I was thinking of making a copy of the original testArray and then sorting that array. Then return an array of Test structs that did not contain the top 5 or bottom 5 (depending on asc or desc).
OR
Iterating through the testArray looking for the largest 5 and then making a copy of the original array excluding the largest 5. This way seems like it would iterate through the array too many times comparing to the array of 5 largest that had been found.
Follow up question:
Here is what i am doing now, let me know what you think?
Considering the number of largest elements i am interested in is going to remain the same, i am iterating through the array and getting the largest element and swapping it to the front of the array. Then i skip the first element and look for the largest after that and swap it into the second index... so on so forth. Until i have the first 5 largest. Then i stop sorting and just copy the sixth index to the end into a new array.
This way, no matter what, i only iterate through the array 5 times. And i do not have to sort the whole thing.
Partial Sorting with a linear time selection algorithm will do this in O(n) time, where sorting would be O(nlogn).
To quote the Partial Sorting page:
The linear-time selection algorithm described above can be used to find the k smallest or the k largest elements in worst-case linear time O(n). To find the k smallest elements, find the kth smallest element using the linear-time median-of-medians selection algorithm. After that, partition the array with the kth smallest element as pivot. The k smallest elements will be the first k elements.

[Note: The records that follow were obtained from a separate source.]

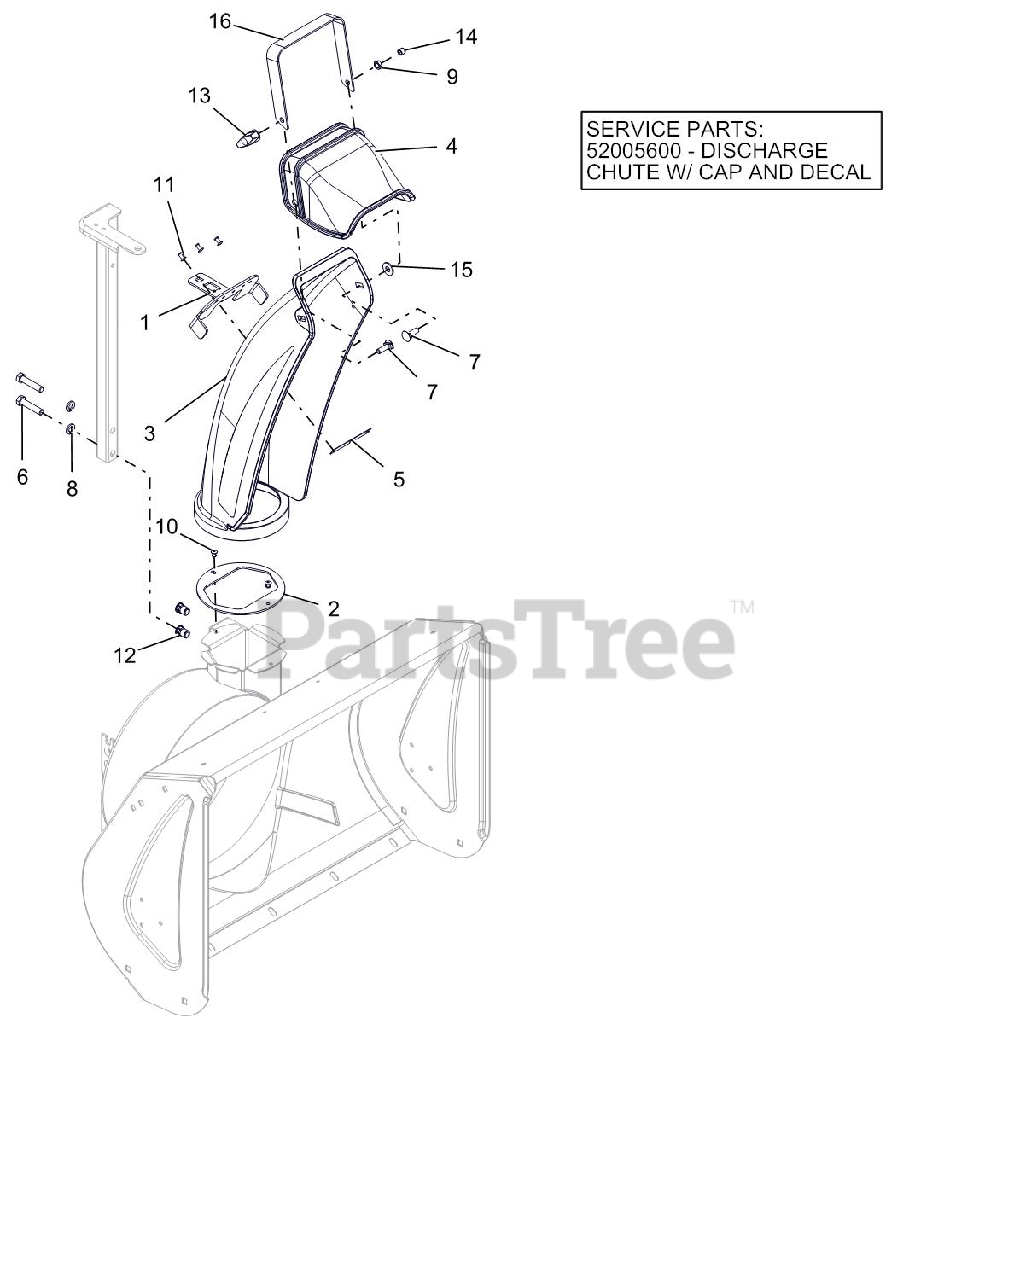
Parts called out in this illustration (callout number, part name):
1	CHUTE MOUNT BRACKET
2	BAFFLE, COMPACT DISCHARGE
3	CHUTE, PLASTIC DISCHARGE LONG
4	CAP,PLASTIC - SNOTEK (W/DECAL)
5	PLATE,CHUTE MOUNT BACKING
6	@BLT-HEX .38-16X1.75 GR5 YWZC
7	BLT,RNHDRECSHNK .31-18X1.00
8	@WSHR-LK .38X.094 REG YWZC
9	@NUT-LK-CTR-JAM .31-18 YWZC
10	RVT-POP .187 YZ
11	RIVET, #66 STEEL POP PD BLACK
12	NUT, THREADED INSERT .38-16
13	KNOB, WING .31-18 UNC
14	CAP, END .281X.313
15	@WSHR-FL-STL.38X.875X.083 YWZC
16	HANDLE, MANUAL CHUTE CAP
17	CHUTE, MANUAL DISCHARGE W/CAP
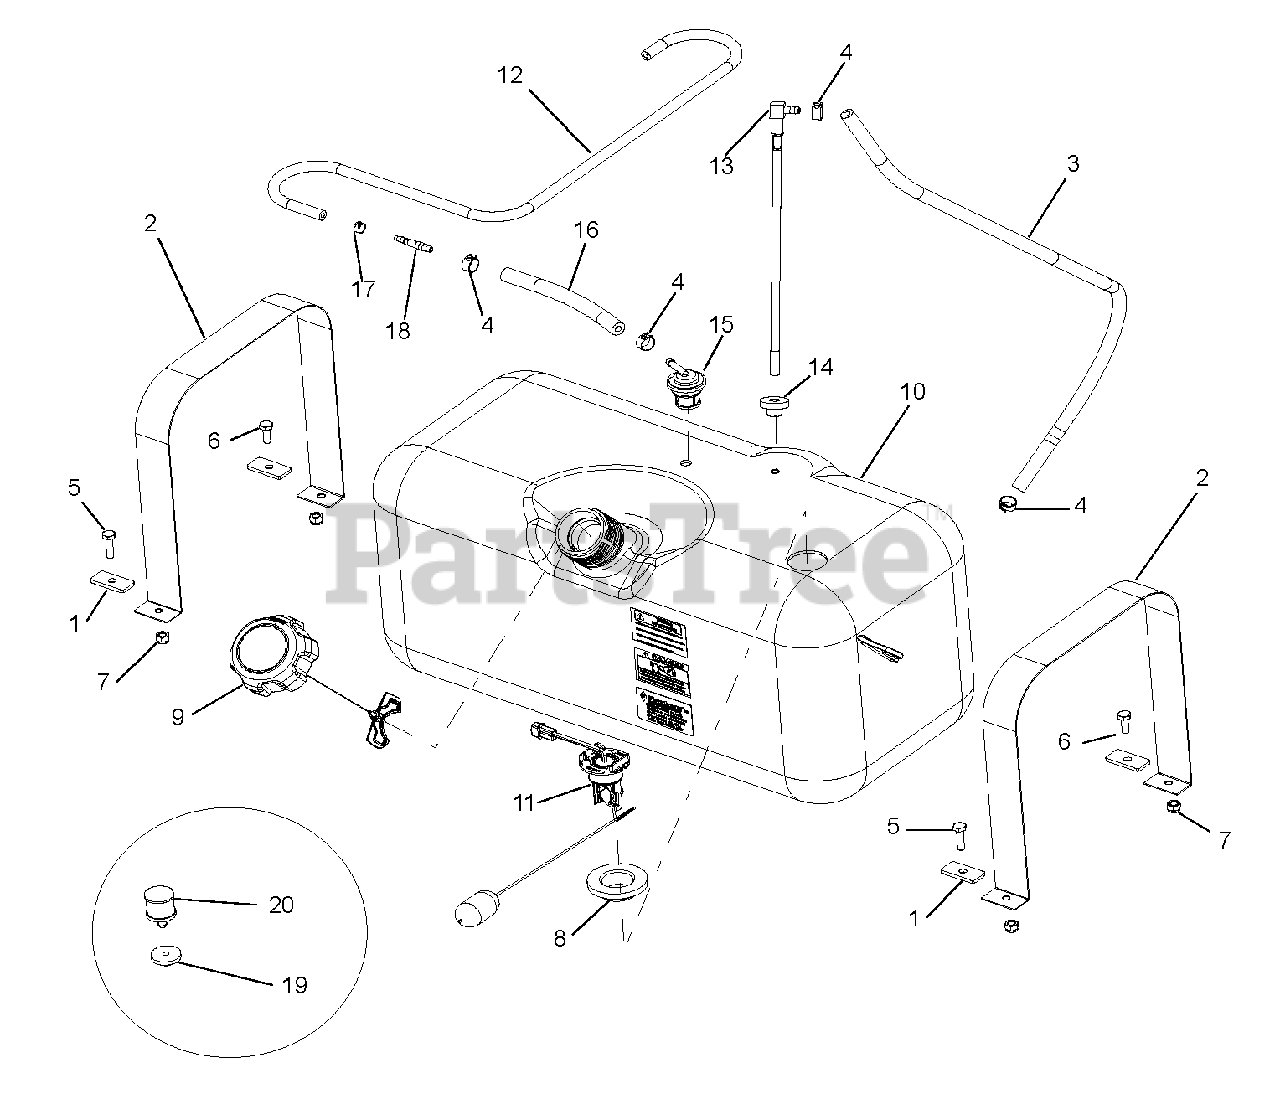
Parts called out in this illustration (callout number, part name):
1	GAS TANK MOUNT SPACER
2	GAS TANK STRAP, WIDE
3	FUEL LINE 10" ST MODEL
4	CLAMP, FUEL LINE, 1/4"
5	BOLT, HEX .25-20 X .75 GR5 YWZC
6	BOLT, HEX .25-20 X 1.00 GR5 YWZC
7	NUT, HEX NYLOCK .25-20 YWZC
8	GROMMET, FUEL SENDER
9	CAP, 2.25" ONE-WAY VENT FUEL
10	FUEL TANK, EPA
11	SENDER, FUEL LEVEL
12	HOSE, .188 LOW PERM 34"
13	FUEL, TANK PICK-UP LINE
14	GROMMET, DAPCO VITON #12240
15	IN-LINE CHECK VALVE, GROMMET FUEL TANK VENT (SN 20,000 +)
16	HOSE, .25 LOW-PERM BULK GAS, 6" (SN 20,000 +)
17	CLAMP, FUEL LINE, 3/16"
18	ADAPTOR, HOSE 3/16" TO 1/4" (SN 20,000 +)
19	GROMMET, FUEL TANK (SN 10,000 – 19,999)
20	SLOSH VALVE, FLAMBEAU 468885A (SN 10,000 – 19,999)

You can find the k largest items in O(n), although making a copy of the array or an array of pointers to each element (smarter) will cost you some time as well, but you have to do that regardless.
If you'd like me to give a complete explanation of the algorithm involved, just comment.
Update:
Regarding your follow up question, which basically suggests iterating over the list five times... that will work. But it iterates over the list more times than you need to. Finding the k largest elements in one pass (using an O(n) selection algorithm) is much better than that. That way you iterate once to make your new array, and once more to do the selection (if you use median-of-medians, you will not need to iterate a third time to remove the five largest items as you can just split the working array into two parts based on where the 5th largest item is), rather than iterating once to make your new array and then an additional five times.
As stated sorting is O(nlogn +5) iterating in O(5n + 5). In the general case finding m largest numbers is O(nlog +m) using the sort algorithm and O(mn +m) in the iteration algoritm. The question of which algorithm is better depends on the values of m and n. For a value of five iterating is better for up to 2 to the 5th numbers I.e. a measly 32. However in terms of operations sorting is more intensive than iterating so it'll be quite a bit more until it is faster.
You can do better theoretically by using a sorted srray of the largest numbers so far and binary search to maintain the order that will give you O(nlogm) but that again depends on the values of n and m.
Maybe an array isn't the best structure for what you want. Specially since you need to sort it every time a new value is added. Maybe a linked list is better, with a sort on insert (which is O(N) on the worst case and O(1) in the best), then just discard the last five elements. Also, you have to consider that just switching a pointer is considerably faster than reallocating the entire array just get another element in there.
Why not an AVL Tree? Traverse time is O(log2N), but you have to consider the time of rebalancing the tree, and if the time spent coding that is worth it.
With usage of min-heap data structure and set heap size to 5, you can traverse the array and insert into heap when the minimum element of heap is less than the element in the array.
getMin takes O(1) time and insertion takes O(log(k)) time where k is the element size of heap (in our case it is 5). So in the worst case we have complexity O(n*log(k)) to find max 5 elements. Another O(n) will take to get the excluded list.